* **WHAT THE TASK REQUIRES**: When you copy the entries, keep every word exactly as it stands.

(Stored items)
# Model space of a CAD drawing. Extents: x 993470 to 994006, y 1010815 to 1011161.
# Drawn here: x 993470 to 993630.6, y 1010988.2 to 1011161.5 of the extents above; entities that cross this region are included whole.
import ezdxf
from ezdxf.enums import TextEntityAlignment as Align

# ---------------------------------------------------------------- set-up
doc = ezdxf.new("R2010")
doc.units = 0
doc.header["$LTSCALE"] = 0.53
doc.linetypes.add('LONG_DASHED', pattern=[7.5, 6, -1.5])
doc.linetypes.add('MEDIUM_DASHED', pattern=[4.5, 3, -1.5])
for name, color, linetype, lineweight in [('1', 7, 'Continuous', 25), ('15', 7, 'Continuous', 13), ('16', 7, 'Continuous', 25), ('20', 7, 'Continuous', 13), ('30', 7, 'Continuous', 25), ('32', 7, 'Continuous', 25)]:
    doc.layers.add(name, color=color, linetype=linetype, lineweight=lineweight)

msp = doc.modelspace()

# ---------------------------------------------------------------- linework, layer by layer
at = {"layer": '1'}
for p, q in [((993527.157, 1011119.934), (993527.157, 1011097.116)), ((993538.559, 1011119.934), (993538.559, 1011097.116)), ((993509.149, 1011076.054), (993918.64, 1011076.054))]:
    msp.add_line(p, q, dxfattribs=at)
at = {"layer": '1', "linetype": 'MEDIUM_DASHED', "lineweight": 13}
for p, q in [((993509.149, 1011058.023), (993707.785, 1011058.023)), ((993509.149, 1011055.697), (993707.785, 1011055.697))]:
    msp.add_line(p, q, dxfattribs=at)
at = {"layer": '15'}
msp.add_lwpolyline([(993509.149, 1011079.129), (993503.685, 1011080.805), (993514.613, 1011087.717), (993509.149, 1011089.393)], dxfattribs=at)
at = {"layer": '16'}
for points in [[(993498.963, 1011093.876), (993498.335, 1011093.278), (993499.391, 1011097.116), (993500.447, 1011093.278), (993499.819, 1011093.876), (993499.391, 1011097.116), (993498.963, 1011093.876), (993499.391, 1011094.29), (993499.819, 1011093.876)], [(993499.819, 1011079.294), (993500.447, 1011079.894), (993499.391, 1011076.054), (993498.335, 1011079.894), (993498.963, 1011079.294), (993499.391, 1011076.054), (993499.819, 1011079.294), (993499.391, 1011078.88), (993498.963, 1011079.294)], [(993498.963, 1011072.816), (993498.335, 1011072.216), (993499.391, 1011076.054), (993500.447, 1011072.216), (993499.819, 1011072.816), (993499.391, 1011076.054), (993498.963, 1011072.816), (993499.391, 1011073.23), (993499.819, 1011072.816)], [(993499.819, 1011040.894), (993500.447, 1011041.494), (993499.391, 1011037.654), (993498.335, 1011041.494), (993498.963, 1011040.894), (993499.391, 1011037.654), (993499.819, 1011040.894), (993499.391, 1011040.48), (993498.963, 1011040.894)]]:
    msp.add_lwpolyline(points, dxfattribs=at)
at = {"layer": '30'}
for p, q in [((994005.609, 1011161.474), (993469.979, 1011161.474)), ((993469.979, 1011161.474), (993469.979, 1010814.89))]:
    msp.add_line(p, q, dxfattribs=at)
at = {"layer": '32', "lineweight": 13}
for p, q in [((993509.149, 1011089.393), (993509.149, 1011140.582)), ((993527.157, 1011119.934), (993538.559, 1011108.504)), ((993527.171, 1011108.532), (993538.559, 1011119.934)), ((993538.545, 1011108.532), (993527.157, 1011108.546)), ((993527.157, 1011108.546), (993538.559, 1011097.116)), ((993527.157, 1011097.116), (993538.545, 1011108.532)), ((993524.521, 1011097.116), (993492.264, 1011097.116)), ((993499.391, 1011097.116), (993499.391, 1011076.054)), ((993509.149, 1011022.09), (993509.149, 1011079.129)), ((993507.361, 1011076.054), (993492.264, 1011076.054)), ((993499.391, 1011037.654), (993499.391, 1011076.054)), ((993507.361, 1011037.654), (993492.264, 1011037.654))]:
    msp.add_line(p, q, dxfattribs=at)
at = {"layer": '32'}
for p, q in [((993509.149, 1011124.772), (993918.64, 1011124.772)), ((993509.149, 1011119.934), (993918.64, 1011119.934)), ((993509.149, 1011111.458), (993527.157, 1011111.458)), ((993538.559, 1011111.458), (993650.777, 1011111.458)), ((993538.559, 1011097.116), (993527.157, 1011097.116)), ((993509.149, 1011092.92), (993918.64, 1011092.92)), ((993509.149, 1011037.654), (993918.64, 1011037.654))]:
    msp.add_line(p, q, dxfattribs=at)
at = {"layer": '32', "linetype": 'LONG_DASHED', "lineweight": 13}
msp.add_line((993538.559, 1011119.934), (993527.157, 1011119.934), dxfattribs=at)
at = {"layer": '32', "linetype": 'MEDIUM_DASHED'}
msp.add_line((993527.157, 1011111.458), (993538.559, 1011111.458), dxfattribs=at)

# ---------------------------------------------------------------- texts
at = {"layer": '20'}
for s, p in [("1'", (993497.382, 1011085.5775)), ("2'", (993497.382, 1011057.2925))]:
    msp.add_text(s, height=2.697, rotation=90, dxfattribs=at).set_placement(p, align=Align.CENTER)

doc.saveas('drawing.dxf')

* **FINISHED EXERCISE**:
# Model space of a CAD drawing. Extents: x 993470 to 994006, y 1010815 to 1011161.
# Drawn here: x 993470 to 993630.6, y 1010988.2 to 1011161.5 of the extents above; entities that cross this region are included whole.
import ezdxf
from ezdxf.enums import TextEntityAlignment as Align

# ---------------------------------------------------------------- set-up
doc = ezdxf.new("R2010")
doc.units = 0
doc.header["$LTSCALE"] = 0.53
doc.linetypes.add('LONG_DASHED', pattern=[7.5, 6, -1.5])
doc.linetypes.add('MEDIUM_DASHED', pattern=[4.5, 3, -1.5])
for name, color, linetype, lineweight in [('1', 7, 'Continuous', 25), ('15', 7, 'Continuous', 13), ('16', 7, 'Continuous', 25), ('20', 7, 'Continuous', 13), ('30', 7, 'Continuous', 25), ('32', 7, 'Continuous', 25)]:
    doc.layers.add(name, color=color, linetype=linetype, lineweight=lineweight)

msp = doc.modelspace()

# ---------------------------------------------------------------- linework, layer by layer
at = {"layer": '1'}
for p, q in [((993527.157, 1011119.934), (993527.157, 1011097.116)), ((993538.559, 1011119.934), (993538.559, 1011097.116)), ((993509.149, 1011076.054), (993918.64, 1011076.054))]:
    msp.add_line(p, q, dxfattribs=at)
at = {"layer": '1', "linetype": 'MEDIUM_DASHED', "lineweight": 13}
for p, q in [((993509.149, 1011058.023), (993707.785, 1011058.023)), ((993509.149, 1011055.697), (993707.785, 1011055.697))]:
    msp.add_line(p, q, dxfattribs=at)
at = {"layer": '15'}
msp.add_lwpolyline([(993509.149, 1011079.129), (993503.685, 1011080.805), (993514.613, 1011087.717), (993509.149, 1011089.393)], dxfattribs=at)
at = {"layer": '16'}
for points in [[(993498.963, 1011093.876), (993498.335, 1011093.278), (993499.391, 1011097.116), (993500.447, 1011093.278), (993499.819, 1011093.876), (993499.391, 1011097.116), (993498.963, 1011093.876), (993499.391, 1011094.29), (993499.819, 1011093.876)], [(993499.819, 1011079.294), (993500.447, 1011079.894), (993499.391, 1011076.054), (993498.335, 1011079.894), (993498.963, 1011079.294), (993499.391, 1011076.054), (993499.819, 1011079.294), (993499.391, 1011078.88), (993498.963, 1011079.294)], [(993498.963, 1011072.816), (993498.335, 1011072.216), (993499.391, 1011076.054), (993500.447, 1011072.216), (993499.819, 1011072.816), (993499.391, 1011076.054), (993498.963, 1011072.816), (993499.391, 1011073.23), (993499.819, 1011072.816)], [(993499.819, 1011040.894), (993500.447, 1011041.494), (993499.391, 1011037.654), (993498.335, 1011041.494), (993498.963, 1011040.894), (993499.391, 1011037.654), (993499.819, 1011040.894), (993499.391, 1011040.48), (993498.963, 1011040.894)]]:
    msp.add_lwpolyline(points, dxfattribs=at)
at = {"layer": '30'}
for p, q in [((994005.609, 1011161.474), (993469.979, 1011161.474)), ((993469.979, 1011161.474), (993469.979, 1010814.89))]:
    msp.add_line(p, q, dxfattribs=at)
at = {"layer": '32', "lineweight": 13}
for p, q in [((993509.149, 1011089.393), (993509.149, 1011140.582)), ((993527.157, 1011119.934), (993538.559, 1011108.504)), ((993527.171, 1011108.532), (993538.559, 1011119.934)), ((993538.545, 1011108.532), (993527.157, 1011108.546)), ((993527.157, 1011108.546), (993538.559, 1011097.116)), ((993527.157, 1011097.116), (993538.545, 1011108.532)), ((993524.521, 1011097.116), (993492.264, 1011097.116)), ((993499.391, 1011097.116), (993499.391, 1011076.054)), ((993509.149, 1011022.09), (993509.149, 1011079.129)), ((993507.361, 1011076.054), (993492.264, 1011076.054)), ((993499.391, 1011037.654), (993499.391, 1011076.054)), ((993507.361, 1011037.654), (993492.264, 1011037.654))]:
    msp.add_line(p, q, dxfattribs=at)
at = {"layer": '32'}
for p, q in [((993509.149, 1011124.772), (993918.64, 1011124.772)), ((993509.149, 1011119.934), (993918.64, 1011119.934)), ((993509.149, 1011111.458), (993527.157, 1011111.458)), ((993538.559, 1011111.458), (993650.777, 1011111.458)), ((993538.559, 1011097.116), (993527.157, 1011097.116)), ((993509.149, 1011092.92), (993918.64, 1011092.92)), ((993509.149, 1011037.654), (993918.64, 1011037.654))]:
    msp.add_line(p, q, dxfattribs=at)
at = {"layer": '32', "linetype": 'LONG_DASHED', "lineweight": 13}
msp.add_line((993538.559, 1011119.934), (993527.157, 1011119.934), dxfattribs=at)
at = {"layer": '32', "linetype": 'MEDIUM_DASHED'}
msp.add_line((993527.157, 1011111.458), (993538.559, 1011111.458), dxfattribs=at)

# ---------------------------------------------------------------- texts
at = {"layer": '20'}
for s, p in [("1'", (993497.382, 1011085.5775)), ("2'", (993497.382, 1011057.2925))]:
    msp.add_text(s, height=2.697, rotation=90, dxfattribs=at).set_placement(p, align=Align.CENTER)

doc.saveas('drawing.dxf')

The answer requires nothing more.